With Canadian group, Nutrien trying its own bit of rationalisation in the rural sector, (and running into problems with the ACCC), Elders has joined the party with a $157 million cash and shares offer for the unlisted private wholesale buying group Australian Independent Rural Retailers (AIRR).
Elders said on Monday that it had entered a scheme of implementation to acquire all of AIRR’s shares, with the half-scrip, half-cash bid already receiving the blessing of the target’s board.
Elders said it was funding the acquisition through a $137 million equity raising and the issue of $79 million of new Elders shares to AIRR shareholders as scrip consideration.
The $10.85 per share deal values AIRR at $157 million on an equity basis and $187 million on an enterprise value basis (which includes debt).
Elders said the acquisition will allow it to enter the wholesale rural services market with net synergies of $6.6 million to $9.33 million per annum to be gradually realised over the next two years.
The deal is Elders attempt to bulk up against the possible merged combination of Nutrien and Ruralco.
Elders said the proposed bid offs a “Compelling strategic rationale by providing entry to the wholesale rural services market which enables a new growth channel and is consistent with Elders’ Corporate Acquisition Principles”.
Nutiren has an agreed $469 million offer on the table for Ruralco, but the ACCC reckons there is competition in some areas.

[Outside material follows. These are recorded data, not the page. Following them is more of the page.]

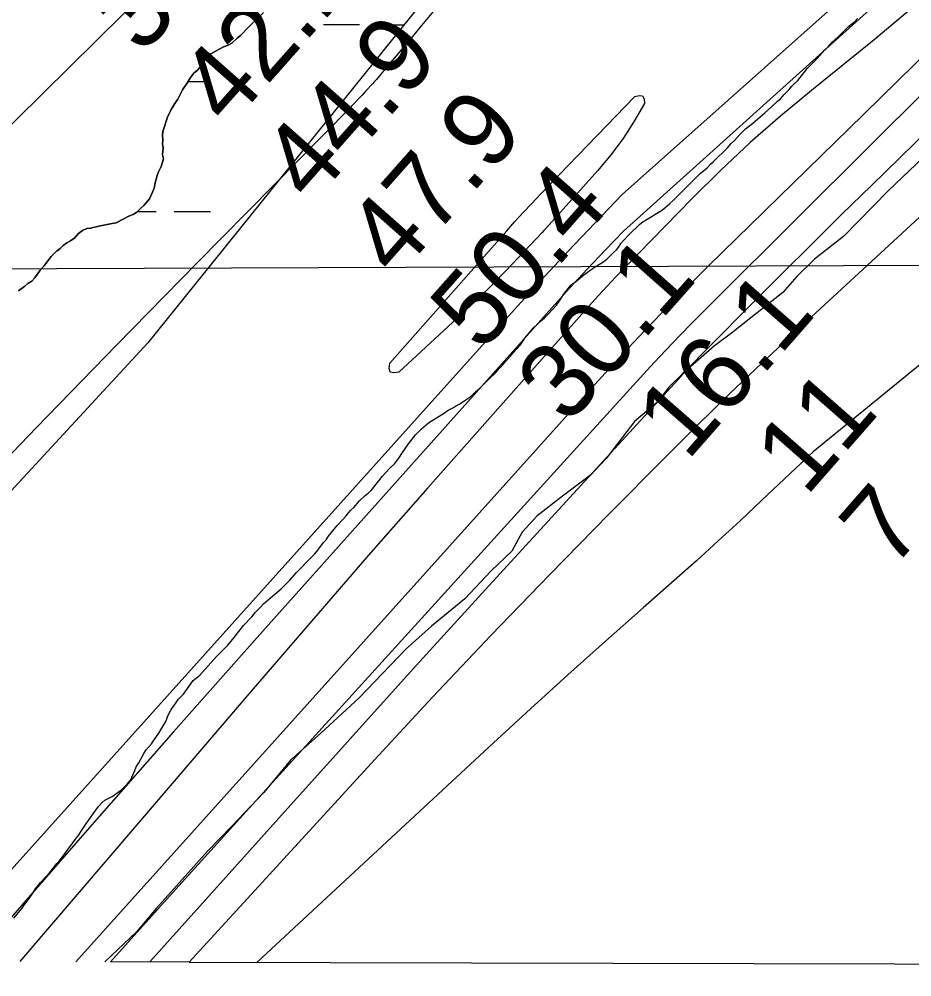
# Model space of a CAD drawing. Extents: x 3172297 to 3210190, y 958463 to 983887.
# Drawn here: x 3192652 to 3193444, y 963866 to 964716 of the extents above; entities that cross this region are included whole.
import ezdxf

# ---------------------------------------------------------------- set-up
doc = ezdxf.new("R2010")
doc.units = 0
for name, color, linetype in [('V-RIVR-EDGE', 7, 'Continuous'), ('V-RIVR-RANG', 7, 'Continuous'), ('V-SITE-VEGE', 7, 'Continuous'), ('V-TOPO-BNDY', 7, 'Continuous'), ('V-TOPO-DPTH', 7, 'Continuous'), ('V-TOPO-MAJR', 7, 'Continuous'), ('V-TOPO-MINR', 7, 'Continuous'), ('V-TOPO-SHOR', 7, 'Continuous'), ('V-TOPO-WATR', 7, 'Continuous'), ('V-WETL-SWMP', 7, 'Continuous')]:
    doc.layers.add(name, color=color, linetype=linetype)

msp = doc.modelspace()

# ---------------------------------------------------------------- linework, layer by layer
at = {"layer": 'V-RIVR-EDGE'}
msp.add_lwpolyline([(3193460.57, 964599.24), (3193422.95, 964563.51), (3193383.62, 964523.24), (3193357.7, 964502.84), (3193342.02, 964487.52), (3193329.48, 964473.34), (3193283.9, 964437.34), (3193268.81, 964426.01), (3193240.88, 964401.34), (3193228.34, 964389.15), (3193218.36, 964376.1), (3193197.85, 964358.81), (3193172.75, 964325.89), (3193159.07, 964311.14), (3193134, 964292.72), (3193111.5, 964274.87), (3193098.38, 964260.68), (3193089.25, 964243.79), (3193071.29, 964226.78), (3193047.63, 964201.53), (3193018, 964177.15), (3192995.5, 964157.02), (3192953.88, 964113.63), (3192919.69, 964082.44), (3192892.9, 964058.34), (3192869.23, 964029.69), (3192841.02, 963999.9), (3192819.64, 963978.07), (3192774.02, 963927), (3192756.35, 963906.01), (3192728.14, 963879.45)], dxfattribs=at)
at = {"layer": 'V-SITE-VEGE'}
for p, q in [((3192868.96, 964721.74), (3192861.75, 964714.48)), ((3192859.01, 964712.06), (3192856.26, 964709.3)), ((3192861.75, 964714.48), (3192859.01, 964712.06)), ((3193387.66, 964709.31), (3193393.26, 964713.64)), ((3193393.26, 964713.64), (3193395.84, 964716.24)), ((3192856.26, 964709.3), (3192848.71, 964701.35)), ((3193378.64, 964700.01), (3193387.66, 964709.31)), ((3192840.81, 964694.44), (3192837.71, 964692.7)), ((3192845.96, 964699.28), (3192840.81, 964694.44)), ((3192848.71, 964701.35), (3192845.96, 964699.28)), ((3193369.6, 964691.13), (3193373.26, 964695.24)), ((3193373.26, 964695.24), (3193378.64, 964700.01)), ((3192822.24, 964685.08), (3192819.15, 964682.31)), ((3192830.15, 964689.58), (3192822.24, 964685.08)), ((3192833.59, 964691.31), (3192830.15, 964689.58)), ((3192837.71, 964692.7), (3192833.59, 964691.31)), ((3193360.15, 964681.18), (3193366.16, 964687.89)), ((3193366.16, 964687.89), (3193369.6, 964691.13)), ((3192816.06, 964678.51), (3192812.64, 964672.99)), ((3192819.15, 964682.31), (3192816.06, 964678.51)), ((3193351.55, 964672.31), (3193360.15, 964681.18)), ((3192807.14, 964667.81), (3192804.4, 964664.01)), ((3192810.58, 964670.57), (3192807.14, 964667.81)), ((3192812.64, 964672.99), (3192810.58, 964670.57)), ((3193342.74, 964661.28), (3193351.55, 964672.31)), ((3192801.66, 964659.52), (3192797.2, 964652.96)), ((3192804.4, 964664.01), (3192801.66, 964659.52)), ((3193337.58, 964656.3), (3193342.74, 964661.28)), ((3192797.2, 964652.96), (3192793.09, 964644.68)), ((3193330.49, 964648.52), (3193335.21, 964653.49)), ((3193335.21, 964653.49), (3193337.58, 964656.3)), ((3192793.09, 964644.68), (3192790.35, 964640.88)), ((3193319.52, 964637.91), (3193324.9, 964643.1)), ((3193324.9, 964643.1), (3193327.48, 964645.05)), ((3193327.48, 964645.05), (3193330.49, 964648.52)), ((3192787.61, 964636.4), (3192784.19, 964629.84)), ((3192790.35, 964640.88), (3192787.61, 964636.4)), ((3193313.71, 964632.71), (3193319.52, 964637.91)), ((3192784.19, 964629.84), (3192779.75, 964616.05)), ((3193302.96, 964623.4), (3193307.26, 964627.3)), ((3193307.26, 964627.3), (3193313.71, 964632.71)), ((3193291.35, 964613.45), (3193296.29, 964618.42)), ((3193296.29, 964618.42), (3193302.96, 964623.4)), ((3192779.75, 964616.05), (3192779.42, 964612.95)), ((3192779.42, 964612.95), (3192779.78, 964608.82)), ((3192779.78, 964608.82), (3192779.45, 964605.03)), ((3193283.6, 964605.44), (3193286.62, 964608.25)), ((3193286.62, 964608.25), (3193291.35, 964613.45)), ((3192779.45, 964605.03), (3192780.15, 964601.58)), ((3192780.15, 964601.58), (3192779.48, 964595.38)), ((3193267.7, 964589.21), (3193280.38, 964601.76)), ((3193280.38, 964601.76), (3193283.6, 964605.44)), ((3192780.18, 964591.94), (3192778.13, 964585.05)), ((3192779.48, 964595.38), (3192780.18, 964591.94)), ((3192778.13, 964585.05), (3192775.74, 964580.21)), ((3193256.3, 964578.82), (3193262.54, 964584.02)), ((3193262.54, 964584.02), (3193265.33, 964587.05)), ((3193265.33, 964587.05), (3193267.7, 964589.21)), ((3192774.71, 964577.11), (3192773.01, 964570.56)), ((3192775.74, 964580.21), (3192774.71, 964577.11)), ((3193232.65, 964555.23), (3193253.72, 964576.44)), ((3193253.72, 964576.44), (3193256.3, 964578.82)), ((3192773.01, 964570.56), (3192772, 964565.74)), ((3192770.63, 964562.29), (3192767.89, 964556.42)), ((3192772, 964565.74), (3192770.63, 964562.29)), ((3192762.74, 964550.55), (3192760, 964547.79)), ((3192767.89, 964556.42), (3192762.74, 964550.55)), ((3193222.76, 964546.57), (3193229.43, 964552.2)), ((3193229.43, 964552.2), (3193232.65, 964555.23)), ((3192750.03, 964541.21), (3192738.34, 964534.97)), ((3192753.47, 964542.6), (3192750.03, 964541.21)), ((3192756.56, 964544.68), (3192753.47, 964542.6)), ((3192760, 964547.79), (3192756.56, 964544.68)), ((3193205.32, 964535.95), (3193222.76, 964546.57)), ((3192722.85, 964532.17), (3192715.62, 964530.42)), ((3192734.9, 964534.61), (3192722.85, 964532.17)), ((3192738.34, 964534.97), (3192734.9, 964534.61)), ((3193193.28, 964524.69), (3193202.74, 964533.78)), ((3193202.74, 964533.78), (3193205.32, 964535.95)), ((3192704.96, 964525.56), (3192701.19, 964521.07)), ((3192708.4, 964528.33), (3192704.96, 964525.56)), ((3192712.18, 964530.07), (3192708.4, 964528.33)), ((3192715.62, 964530.42), (3192712.18, 964530.07)), ((3193188.55, 964519.72), (3193193.28, 964524.69)), ((3192691.21, 964514.84), (3192688.81, 964512.42)), ((3192694.65, 964517.26), (3192691.21, 964514.84)), ((3192697.75, 964518.99), (3192694.65, 964517.26)), ((3192700.84, 964521.07), (3192697.75, 964518.99)), ((3192701.19, 964521.07), (3192700.84, 964521.07)), ((3193184.04, 964513.66), (3193185.97, 964516.69)), ((3193185.97, 964516.69), (3193188.55, 964519.72)), ((3192685.38, 964510), (3192680.57, 964505.16)), ((3192686.06, 964510.35), (3192685.38, 964510)), ((3192688.81, 964512.42), (3192686.06, 964510.35)), ((3193173.5, 964502.84), (3193179.31, 964508.9)), ((3193179.31, 964508.9), (3193181.89, 964511.07)), ((3193181.89, 964511.07), (3193184.04, 964513.66)), ((3192676.8, 964500.33), (3192674.4, 964496.88)), ((3192680.57, 964505.16), (3192676.8, 964500.33)), ((3193160.81, 964494.61), (3193170.92, 964500.89)), ((3193170.92, 964500.89), (3193173.5, 964502.84)), ((3192670.96, 964493.08), (3192666.16, 964486.17)), ((3192674.4, 964496.88), (3192670.96, 964493.08)), ((3193151.98, 964488.11), (3193160.81, 964494.61)), ((3192659.98, 964481.33), (3192657.23, 964478.91)), ((3192663.42, 964483.41), (3192659.98, 964481.33)), ((3192666.16, 964486.17), (3192663.42, 964483.41)), ((3193141.66, 964479.88), (3193147.04, 964483.99)), ((3193147.04, 964483.99), (3193151.98, 964488.11)), ((3192657.23, 964478.91), (3192651.74, 964474.76)), ((3193135, 964471.44), (3193139.08, 964476.85)), ((3193139.08, 964476.85), (3193141.66, 964479.88)), ((3193128.77, 964461.93), (3193130.71, 964464.31)), ((3193130.71, 964464.31), (3193135, 964471.44)), ((3193121.46, 964453.93), (3193128.77, 964461.93)), ((3193108.56, 964442.02), (3193115.87, 964448.73)), ((3193115.87, 964448.73), (3193118.24, 964450.68)), ((3193118.24, 964450.68), (3193121.46, 964453.93)), ((3193100.83, 964432.72), (3193108.56, 964442.02)), ((3193096.96, 964426.89), (3193100.83, 964432.72)), ((3193090.52, 964419.75), (3193096.96, 964426.89)), ((3193083.43, 964411.75), (3193088.15, 964416.72)), ((3193088.15, 964416.72), (3193090.52, 964419.75)), ((3193075.04, 964402.23), (3193078.27, 964406.12)), ((3193078.27, 964406.12), (3193080.85, 964408.72)), ((3193080.85, 964408.72), (3193083.43, 964411.75)), ((3193060.42, 964388.16), (3193070.1, 964397.68)), ((3193070.1, 964397.68), (3193072.68, 964399.85)), ((3193072.68, 964399.85), (3193075.04, 964402.23)), ((3193057.63, 964385.78), (3193060.42, 964388.16)), ((3193045.8, 964376.25), (3193050.96, 964379.93)), ((3193050.96, 964379.93), (3193053.97, 964382.32)), ((3193053.97, 964382.32), (3193057.63, 964385.78)), ((3193032.88, 964368.87), (3193037.4, 964371.26)), ((3193037.4, 964371.26), (3193039.12, 964372.56)), ((3193039.12, 964372.56), (3193043, 964374.51)), ((3193043, 964374.51), (3193045.8, 964376.25)), ((3193015.44, 964357.6), (3193029.43, 964366.49)), ((3193029.43, 964366.49), (3193032.88, 964368.87)), ((3193009.2, 964352.41), (3193015.44, 964357.6)), ((3192997.6, 964338.99), (3193003.83, 964346.99)), ((3193003.83, 964346.99), (3193009.2, 964352.41)), ((3192991.59, 964330.56), (3192997.6, 964338.99)), ((3192989.66, 964327.32), (3192991.59, 964330.56)), ((3192980.85, 964317.16), (3192985.36, 964321.7)), ((3192985.36, 964321.7), (3192989.66, 964327.32)), ((3192974.62, 964310.45), (3192980.85, 964317.16)), ((3192964.52, 964297.69), (3192974.62, 964310.45)), ((3192959.14, 964293.14), (3192961.94, 964295.31)), ((3192961.94, 964295.31), (3192964.52, 964297.69)), ((3192949.04, 964282.54), (3192954.2, 964288.38)), ((3192954.2, 964288.38), (3192959.14, 964293.14)), ((3192942.38, 964275.19), (3192944.31, 964277.78)), ((3192944.31, 964277.78), (3192946.46, 964280.16)), ((3192946.46, 964280.16), (3192949.04, 964282.54)), ((3192934.42, 964266.53), (3192939.8, 964272.59)), ((3192939.8, 964272.59), (3192942.38, 964275.19)), ((3192926.69, 964257.23), (3192934.42, 964266.53)), ((3192916.38, 964243.61), (3192922.18, 964251.39)), ((3192922.18, 964251.39), (3192924.54, 964253.99)), ((3192924.54, 964253.99), (3192926.69, 964257.23)), ((3192914.23, 964241.01), (3192916.38, 964243.61)), ((3192906.71, 964233.87), (3192914.23, 964241.01)), ((3192898.11, 964224.78), (3192902.62, 964229.33)), ((3192902.62, 964229.33), (3192906.71, 964233.87)), ((3192888.01, 964213.54), (3192892.73, 964218.51)), ((3192892.73, 964218.51), (3192898.11, 964224.78)), ((3192875.32, 964202.28), (3192884.78, 964210.5)), ((3192884.78, 964210.5), (3192888.01, 964213.54)), ((3192869.08, 964197.08), (3192875.32, 964202.28)), ((3192861.55, 964189.29), (3192866.71, 964194.49)), ((3192866.71, 964194.49), (3192869.08, 964197.08)), ((3192851.24, 964177.82), (3192858.54, 964185.62)), ((3192858.54, 964185.62), (3192861.55, 964189.29)), ((3192842.86, 964167.23), (3192851.24, 964177.82)), ((3192837.27, 964160.53), (3192842.86, 964167.23)), ((3192827.39, 964150.35), (3192837.27, 964160.53)), ((3192819.86, 964142.13), (3192827.39, 964150.35)), ((3192814.92, 964136.3), (3192819.86, 964142.13)), ((3192806.75, 964128.94), (3192812.56, 964133.91)), ((3192812.56, 964133.91), (3192814.92, 964136.3)), ((3192798.16, 964117.04), (3192806.75, 964128.94)), ((3192793.43, 964112.07), (3192798.16, 964117.04)), ((3192788.49, 964105.36), (3192791.07, 964108.61)), ((3192791.07, 964108.61), (3192793.43, 964112.07)), ((3192783.56, 964095.86), (3192784.85, 964098.88)), ((3192784.85, 964098.88), (3192786.77, 964102.77)), ((3192786.77, 964102.77), (3192788.49, 964105.36)), ((3192776.27, 964082.25), (3192782.5, 964092.62)), ((3192782.5, 964092.62), (3192783.56, 964095.86)), ((3192771.33, 964075.54), (3192776.27, 964082.25)), ((3192764.89, 964067.54), (3192769.62, 964072.95)), ((3192769.62, 964072.95), (3192771.33, 964075.54)), ((3192762.74, 964064.3), (3192764.89, 964067.54)), ((3192758.46, 964055.88), (3192760.38, 964059.98)), ((3192760.38, 964059.98), (3192762.74, 964064.3)), ((3192750.96, 964040.75), (3192754.81, 964049.18)), ((3192754.81, 964049.18), (3192756.09, 964052.42)), ((3192756.09, 964052.42), (3192758.46, 964055.88)), ((3192749.02, 964038.16), (3192750.96, 964040.75)), ((3192740.21, 964029.93), (3192743, 964032.1)), ((3192743, 964032.1), (3192746.66, 964035.56)), ((3192746.66, 964035.56), (3192749.02, 964038.16)), ((3192725.57, 964020.39), (3192728.36, 964022.99)), ((3192728.36, 964022.99), (3192734.83, 964026.25)), ((3192734.83, 964026.25), (3192740.21, 964029.93)), ((3192717.83, 964010.88), (3192722.56, 964017.15)), ((3192722.56, 964017.15), (3192725.57, 964020.39)), ((3192711.39, 964001.58), (3192717.83, 964010.88)), ((3192707.96, 963996.18), (3192711.39, 964001.58)), ((3192688.21, 963969.15), (3192705.81, 963993.15)), ((3192705.81, 963993.15), (3192707.96, 963996.18)), ((3192679.18, 963958.34), (3192685.84, 963966.56)), ((3192685.84, 963966.56), (3192688.21, 963969.15)), ((3192671.23, 963949.69), (3192675.74, 963954.45)), ((3192675.74, 963954.45), (3192679.18, 963958.34)), ((3192667.15, 963944.71), (3192669.3, 963947.09)), ((3192669.3, 963947.09), (3192671.23, 963949.69)), ((3192659.21, 963932.82), (3192664.57, 963940.39)), ((3192664.57, 963940.39), (3192667.15, 963944.71)), ((3192654.7, 963926.77), (3192657.06, 963930.23)), ((3192657.06, 963930.23), (3192659.21, 963932.82)), ((3192647.6, 963918.12), (3192654.7, 963926.77))]:
    msp.add_line(p, q, dxfattribs=at)
at = {"layer": 'V-TOPO-BNDY'}
msp.add_lwpolyline([(3186048.77, 963895.97), (3186249.57, 964469.98), (3198733.3, 964517.56), (3198114.71, 963866.13)], dxfattribs=at)
at = {"layer": 'V-TOPO-DPTH'}
for points in [[(3192733.41, 963879.44), (3192788.38, 963940.57), (3192853.74, 964012.88), (3193199.65, 964394.08), (3193215.4, 964411.17), (3193231.33, 964428.1), (3193247.51, 964444.77), (3193263.87, 964461.28), (3193345.62, 964542.53), (3193402.96, 964599.56), (3193460.25, 964656.64), (3193517.49, 964713.78), (3193574.68, 964770.96), (3193820.31, 965016.76), (3193844.13, 965040.65), (3193867.91, 965064.58), (3193891.64, 965088.56), (3193915.33, 965112.59), (3193941.75, 965139.43), (3193952.38, 965149.86)], [(3193523, 964607.44), (3193442.73, 964532.71), (3193339.59, 964437.45), (3193310.77, 964410.48), (3193282.19, 964383.25), (3193253.98, 964355.66), (3193226.01, 964327.81), (3193175.55, 964276.92), (3193122.85, 964223.13), (3193070.58, 964168.94), (3193018.94, 964114.14), (3192967.73, 964058.93), (3192803.03, 963879.27), (3192733.41, 963879.44)], [(3193523, 964607.44), (3193442.73, 964532.71), (3193339.59, 964437.45), (3193310.77, 964410.48), (3193282.19, 964383.25), (3193253.98, 964355.66), (3193226.01, 964327.81), (3193175.55, 964276.92), (3193122.85, 964223.13), (3193070.58, 964168.94), (3193018.94, 964114.14), (3192967.73, 964058.93), (3192803.03, 963879.27)], [(3192803.03, 963879.27), (3193929.39, 963876.48), (3193946.55, 963889.58), (3194000.05, 963932.78), (3194051.98, 963977.9), (3194102.93, 964024.06), (3194152.42, 964071.79), (3194200.93, 964120.56)]]:
    msp.add_lwpolyline(points, dxfattribs=at)
at = {"layer": 'V-TOPO-MAJR'}
for points in [[(3194548.52, 965780.85), (3193836.47, 965119.63), (3193829.55, 965112.21), (3193822.6, 965104.81), (3193815.61, 965097.46), (3193808.59, 965090.13), (3193756.42, 965035.99), (3193731.54, 965011.09), (3193706.09, 964986.81), (3193679.77, 964963.47), (3193652.89, 964940.74), (3193625.45, 964918.66), (3193597.83, 964896.79), (3193188.29, 964527.84), (3193172.18, 964511.1), (3193156.23, 964494.23), (3193140.49, 964477.14), (3193124.91, 964459.92), (3192868.12, 964172.41), (3192789.09, 964083.38), (3192710.43, 963994.03), (3192632.33, 963904.2), (3192611.24, 963879.74)], [(3192625.74, 964603.05), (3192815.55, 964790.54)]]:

“A merged Landmark-Ruralco would be by far the largest retail and wholesale supplier of rural merchandise in Australia, with Elders the only other large national chain,” ACCC Deputy Chair Mick Keogh said in a statement issued on June 13.
“The combined entity would supply around 650 rural merchandise stores (including both corporate and member stores), which is approximately 45 percent of all rural merchandise stores nationally.”
“We are seeking submissions in response to our statement of issues, and will continue examining what impact the loss of a major national retail competitor might have on prices, product range (including private label brands) and other areas of competition,” Mr. Keogh said.
A final decision is due around August 15, the ACCC said in last months statement.
In its statement, yesterday Elders gave some background as to what AIRR offers.
“Established in 2006, AIRR is a member-based buying and marketing group for independent rural merchandise and pet and produce stores. The business is a national wholesale platform supported by a network of eight warehouses servicing more than 1,500 customers.
“AIRR has approximately 240 independent member stores and an additional 100 Tuckers Pet & Produce stores located across Australia. AIRR also owns and operates 5 retail locations in Victoria.
“AIRR provides its customers access to more than 6,000 products (SKUs) from more than 650 suppliers. Among the products offered by AIRR are two private label ranges: Apparent, a range of agricultural chemicals and Independents Own, a range of animal health, feed, and general merchandise products.
“In September 2018, AIRR acquired The Hunter River Company which has a portfolio of over 50 animal health product Australian Pesticides and Veterinary Medicines Authority registrations.: Elders said.
Elders said that AIRR is expected to generate earnings before interest tax depreciation and amortisation of $21.9 million for the twelve months to September 2019.
Elders shares were halted yesterday at Friday’s close of $6.13.